Kohl’s Stock Falls Despite Beating Earnings Estimates

Kohl’s (ticker: KSS) stock experienced a decline on Tuesday, despite surpassing quarterly earnings expectations. The retailer reported third-quarter earnings of 53 cents per share, beating Wall Street’s estimate of 35 cents per share, as reported by FactSet. However, this marks a decrease from the year-ago quarter when earnings were at 82 cents per share.

Unfortunately, Kohl’s fell short in terms of net sales, which amounted to $3.84 billion instead of the estimated $3.99 billion. Additionally, same-store sales saw a decline of 5.5% compared to last year, worse than the expected decrease of 3.8%.

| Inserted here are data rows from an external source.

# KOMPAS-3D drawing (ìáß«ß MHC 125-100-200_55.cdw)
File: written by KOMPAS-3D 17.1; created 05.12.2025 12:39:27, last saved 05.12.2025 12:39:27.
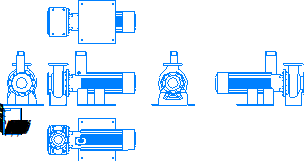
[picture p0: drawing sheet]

Sheet 1: A4, portrait

Title block, sheet 1: name: Насос MHC 125-100-200_55 / 55 кВт 3х380В; material: Сталь 10  ГОСТ 1050-88; mass: 362,08; sheets: 1; sheet format: A4

Views: Проекционный вид 2, Проекционный вид 3, Проекционный вид 4, Проекционный вид 5, Проекционный вид 6
Referenced files in \\adlc.lan\data\АДЛ_ПКД\3D-модели\ADL production\Насосы ГРАНПАМП\Насосы ГРАНПАМП серии МНС\KOMPAS 3D\: Насос MHC 125-100-200_55.m3d
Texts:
  Andrey
  АДЛ
Dimensions and other numbers on the sheet: 1:1; 1; 55 кВт 3х380В; 362,08

CEO Tom Kingsbury acknowledged this setback in the earnings release, stating that the strategies implemented to improve sales and earnings performance are still in the early stages. Despite this, Kohl’s adjusted its full-year 2023 earnings guidance from a range of $2.10 to $2.70 per share to a new range of $2.30 to $2.70 per share. The company also adjusted its net sales forecast, expecting a decline of 2.8% to 4% instead of the previously predicted 2% to 4% drop.

Analyst Zachary Warring from CFRA Research expressed some cautious optimism following the earnings report. He highlighted Kohl’s positive aspects such as its partnership with Sephora, its strength in home, athleisure wear, and gifting, as well as its smaller store size compared to competitors. Warring believes that the worst is behind Kohl’s and sees limited downside risk for the company’s shares.

However, he did note that improvements to the balance sheet are necessary to generate further excitement about the stock. As a result, Warring has assigned a “Hold” rating to Kohl’s shares with a $28 price target.

In premarket trading, Kohl’s stock was down 5.5% to $23.50.